Beginning with the line where "for s, height, p" appears, please restate each line of the records below word for word until the last one, inclusive, and nothing else.

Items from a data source
Start of Block

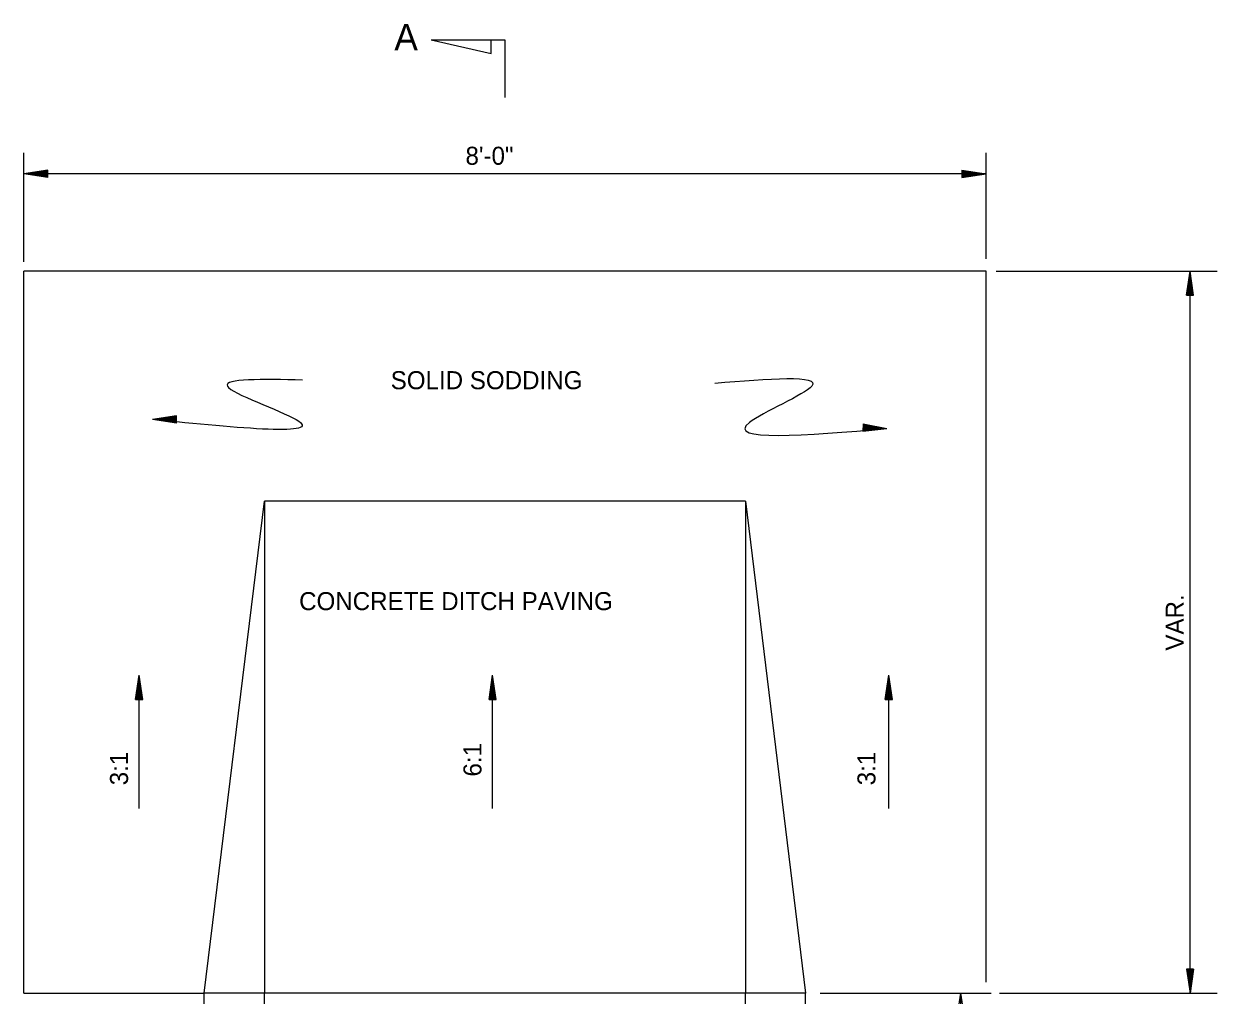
# Model space of a CAD drawing. Extents: x 635488 to 635865, y 290537 to 290973.
# Drawn here: x 635632.8 to 635672.47, y 290826.85 to 290859.13 of the extents above; entities that cross this region are included whole.
import ezdxf

# ---------------------------------------------------------------- set-up
doc = ezdxf.new("R2010")
doc.units = 0
doc.layers.add('Default', color=7, linetype='Continuous')
doc.layers.add('R_Dimension', color=7, linetype='Continuous')

msp = doc.modelspace()

# ---------------------------------------------------------------- linework, layer by layer
at = {"layer": 'Default'}
for p, q in [((635632.798, 290851.226), (635632.798, 290854.85)), ((635664.79, 290851.326), (635664.79, 290854.85)), ((635664.79, 290850.914), (635632.798, 290850.914)), ((635632.798, 290826.914), (635632.798, 290850.914)), ((635664.79, 290827.282), (635664.79, 290850.914)), ((635665.13, 290850.914), (635672.474, 290850.914)), ((635638.798, 290826.914), (635640.794, 290843.274)), ((635656.794, 290843.274), (635640.794, 290843.274)), ((635640.794, 290843.274), (635640.794, 290826.914)), ((635656.794, 290843.274), (635656.794, 290826.914)), ((635656.794, 290843.274), (635658.79, 290826.914)), ((635632.798, 290826.914), (635638.798, 290826.914)), ((635638.798, 290788.918), (635638.798, 290826.914)), ((635658.79, 290826.914), (635638.798, 290826.914)), ((635640.794, 290794.914), (635640.794, 290826.914)), ((635656.79, 290794.914), (635656.79, 290826.914)), ((635658.79, 290788.918), (635658.79, 290826.914)), ((635659.274, 290826.918), (635664.962, 290826.918)), ((635665.234, 290826.918), (635672.474, 290826.918))]:
    msp.add_line(p, q, dxfattribs=at)
at = {"layer": 'R_Dimension'}
for p, q in [((635646.338, 290858.602), (635648.794, 290858.602)), ((635646.338, 290858.602), (635648.338, 290858.15)), ((635648.338, 290858.15), (635648.338, 290858.602)), ((635648.794, 290858.602), (635648.794, 290856.69)), ((635648.794, 290858.602), (635648.794, 290857.15)), ((635633.598, 290854.266), (635632.798, 290854.146)), ((635664.79, 290854.146), (635632.798, 290854.146)), ((635633.598, 290854.026), (635632.798, 290854.146)), ((635633.598, 290854.246), (635632.93, 290854.146)), ((635633.598, 290854.046), (635632.93, 290854.146)), ((635633.598, 290854.226), (635633.07, 290854.146)), ((635633.598, 290854.066), (635633.07, 290854.146)), ((635633.598, 290854.206), (635633.202, 290854.146)), ((635633.598, 290854.086), (635633.202, 290854.146)), ((635633.598, 290854.186), (635633.338, 290854.146)), ((635633.598, 290854.106), (635633.338, 290854.146)), ((635633.598, 290854.166), (635633.47, 290854.146)), ((635633.598, 290854.126), (635633.47, 290854.146)), ((635633.598, 290854.026), (635633.598, 290854.266)), ((635663.99, 290854.266), (635664.79, 290854.146)), ((635663.99, 290854.266), (635663.99, 290854.026)), ((635663.99, 290854.246), (635664.658, 290854.146)), ((635663.99, 290854.226), (635664.518, 290854.146)), ((635663.99, 290854.206), (635664.386, 290854.146)), ((635663.99, 290854.186), (635664.25, 290854.146)), ((635663.99, 290854.166), (635664.118, 290854.146)), ((635663.99, 290854.026), (635664.79, 290854.146)), ((635663.99, 290854.106), (635664.25, 290854.146)), ((635663.99, 290854.066), (635664.518, 290854.146)), ((635663.99, 290854.046), (635664.658, 290854.146)), ((635663.99, 290854.086), (635664.386, 290854.146)), ((635663.99, 290854.126), (635664.118, 290854.146)), ((635671.454, 290850.114), (635671.574, 290850.914)), ((635671.574, 290826.918), (635671.574, 290850.914)), ((635671.694, 290850.114), (635671.574, 290850.914)), ((635671.474, 290850.114), (635671.574, 290850.782)), ((635671.494, 290850.114), (635671.574, 290850.642)), ((635671.514, 290850.114), (635671.574, 290850.51)), ((635671.674, 290850.114), (635671.574, 290850.782)), ((635671.654, 290850.114), (635671.574, 290850.642)), ((635671.634, 290850.114), (635671.574, 290850.51)), ((635671.454, 290850.114), (635671.694, 290850.114)), ((635671.534, 290850.114), (635671.574, 290850.374)), ((635671.554, 290850.114), (635671.574, 290850.242)), ((635671.614, 290850.114), (635671.574, 290850.374)), ((635671.594, 290850.114), (635671.574, 290850.242)), ((635637.874, 290846.102), (635637.074, 290845.982)), ((635637.874, 290845.862), (635637.074, 290845.982)), ((635637.874, 290846.082), (635637.206, 290845.982)), ((635637.874, 290845.882), (635637.206, 290845.982)), ((635637.874, 290846.062), (635637.346, 290845.982)), ((635637.874, 290845.902), (635637.346, 290845.982)), ((635637.874, 290846.042), (635637.478, 290845.982)), ((635637.874, 290845.922), (635637.478, 290845.982)), ((635637.874, 290846.022), (635637.614, 290845.982)), ((635637.874, 290845.942), (635637.614, 290845.982)), ((635637.874, 290846.002), (635637.746, 290845.982)), ((635637.874, 290845.962), (635637.746, 290845.982)), ((635637.874, 290845.862), (635637.874, 290846.102)), ((635660.702, 290845.838), (635660.69, 290845.598)), ((635660.694, 290845.734), (635660.822, 290845.71)), ((635660.698, 290845.818), (635661.362, 290845.686)), ((635660.698, 290845.798), (635661.222, 290845.694)), ((635660.698, 290845.778), (635661.09, 290845.698)), ((635660.698, 290845.754), (635660.954, 290845.706)), ((635660.702, 290845.838), (635661.494, 290845.682)), ((635660.69, 290845.638), (635661.222, 290845.694)), ((635660.69, 290845.618), (635661.362, 290845.686)), ((635660.69, 290845.598), (635661.494, 290845.682)), ((635660.694, 290845.698), (635660.822, 290845.71)), ((635660.694, 290845.678), (635660.954, 290845.706)), ((635660.694, 290845.658), (635661.09, 290845.698)), ((635636.514, 290836.682), (635636.634, 290837.482)), ((635636.634, 290833.054), (635636.634, 290837.482)), ((635636.754, 290836.682), (635636.634, 290837.482)), ((635648.266, 290836.682), (635648.386, 290837.482)), ((635648.386, 290833.054), (635648.386, 290837.482)), ((635648.506, 290836.682), (635648.386, 290837.482)), ((635661.442, 290836.682), (635661.562, 290837.482)), ((635661.562, 290833.054), (635661.562, 290837.482)), ((635661.682, 290836.682), (635661.562, 290837.482)), ((635636.534, 290836.682), (635636.634, 290837.35)), ((635636.554, 290836.682), (635636.634, 290837.21)), ((635636.574, 290836.682), (635636.634, 290837.078)), ((635636.734, 290836.682), (635636.634, 290837.35)), ((635636.714, 290836.682), (635636.634, 290837.21)), ((635636.694, 290836.682), (635636.634, 290837.078)), ((635648.286, 290836.682), (635648.386, 290837.35)), ((635648.306, 290836.682), (635648.386, 290837.21)), ((635648.326, 290836.682), (635648.386, 290837.078)), ((635648.486, 290836.682), (635648.386, 290837.35)), ((635648.466, 290836.682), (635648.386, 290837.21)), ((635648.446, 290836.682), (635648.386, 290837.078)), ((635661.462, 290836.682), (635661.562, 290837.35)), ((635661.482, 290836.682), (635661.562, 290837.21)), ((635661.502, 290836.682), (635661.562, 290837.078)), ((635661.662, 290836.682), (635661.562, 290837.35)), ((635661.642, 290836.682), (635661.562, 290837.21)), ((635661.622, 290836.682), (635661.562, 290837.078)), ((635636.514, 290836.682), (635636.754, 290836.682)), ((635636.594, 290836.682), (635636.634, 290836.942)), ((635636.614, 290836.682), (635636.634, 290836.81)), ((635636.674, 290836.682), (635636.634, 290836.942)), ((635636.654, 290836.682), (635636.634, 290836.81)), ((635648.266, 290836.682), (635648.506, 290836.682)), ((635648.346, 290836.682), (635648.386, 290836.942)), ((635648.366, 290836.682), (635648.386, 290836.81)), ((635648.426, 290836.682), (635648.386, 290836.942)), ((635648.406, 290836.682), (635648.386, 290836.81)), ((635661.442, 290836.682), (635661.682, 290836.682)), ((635661.522, 290836.682), (635661.562, 290836.942)), ((635661.542, 290836.682), (635661.562, 290836.81)), ((635661.602, 290836.682), (635661.562, 290836.942)), ((635661.582, 290836.682), (635661.562, 290836.81)), ((635671.454, 290827.718), (635671.574, 290826.918)), ((635671.694, 290827.718), (635671.454, 290827.718)), ((635671.474, 290827.718), (635671.574, 290827.05)), ((635671.494, 290827.718), (635671.574, 290827.19)), ((635671.514, 290827.718), (635671.574, 290827.322)), ((635671.534, 290827.718), (635671.574, 290827.458)), ((635671.554, 290827.718), (635671.574, 290827.59)), ((635671.694, 290827.718), (635671.574, 290826.918)), ((635671.614, 290827.718), (635671.574, 290827.458)), ((635671.654, 290827.718), (635671.574, 290827.19)), ((635671.674, 290827.718), (635671.574, 290827.05)), ((635671.634, 290827.718), (635671.574, 290827.322)), ((635671.594, 290827.718), (635671.574, 290827.59)), ((635663.83, 290826.118), (635663.95, 290826.918)), ((635663.95, 290818.918), (635663.95, 290826.918)), ((635664.07, 290826.118), (635663.95, 290826.918))]:
    msp.add_line(p, q, dxfattribs=at)
for points in [[(635642.062, 290847.294), (635639.566, 290847.094), (635641.854, 290845.982), (635637.074, 290845.982)], [(635655.778, 290847.194), (635658.998, 290847.094), (635656.922, 290845.882), (635661.494, 290845.682)]]:
    msp.add_spline(points, degree=3, dxfattribs=at)

# ---------------------------------------------------------------- texts
at = {"layer": 'Default'}
msp.add_text('CONCRETE DITCH PAVING', height=0.6, dxfattribs=at).set_placement((635641.95, 290839.646))
at = {"layer": 'R_Dimension'}
for s, height, p in [('A', 0.875, (635645.118, 290858.258)), ('8\'-0"', 0.6, (635647.482, 290854.45)), ('SOLID SODDING', 0.6, (635644.995, 290846.99))]:
    msp.add_text(s, height=height, dxfattribs=at).set_placement(p)
for s, p in [('VAR.', (635671.366, 290838.3)), ('6:1', (635648.014, 290834.116)), ('3:1', (635636.262, 290833.825)), ('3:1', (635661.114, 290833.825))]:
    msp.add_text(s, height=0.6, rotation=90, dxfattribs=at).set_placement(p)

doc.saveas('drawing.dxf')

End of Block

**RESULT BELOW:**
for s, height, p in [('A', 0.875, (635645.118, 290858.258)), ('8\'-0"', 0.6, (635647.482, 290854.45)), ('SOLID SODDING', 0.6, (635644.995, 290846.99))]:
    msp.add_text(s, height=height, dxfattribs=at).set_placement(p)
for s, p in [('VAR.', (635671.366, 290838.3)), ('6:1', (635648.014, 290834.116)), ('3:1', (635636.262, 290833.825)), ('3:1', (635661.114, 290833.825))]:
    msp.add_text(s, height=0.6, rotation=90, dxfattribs=at).set_placement(p)

doc.saveas('drawing.dxf')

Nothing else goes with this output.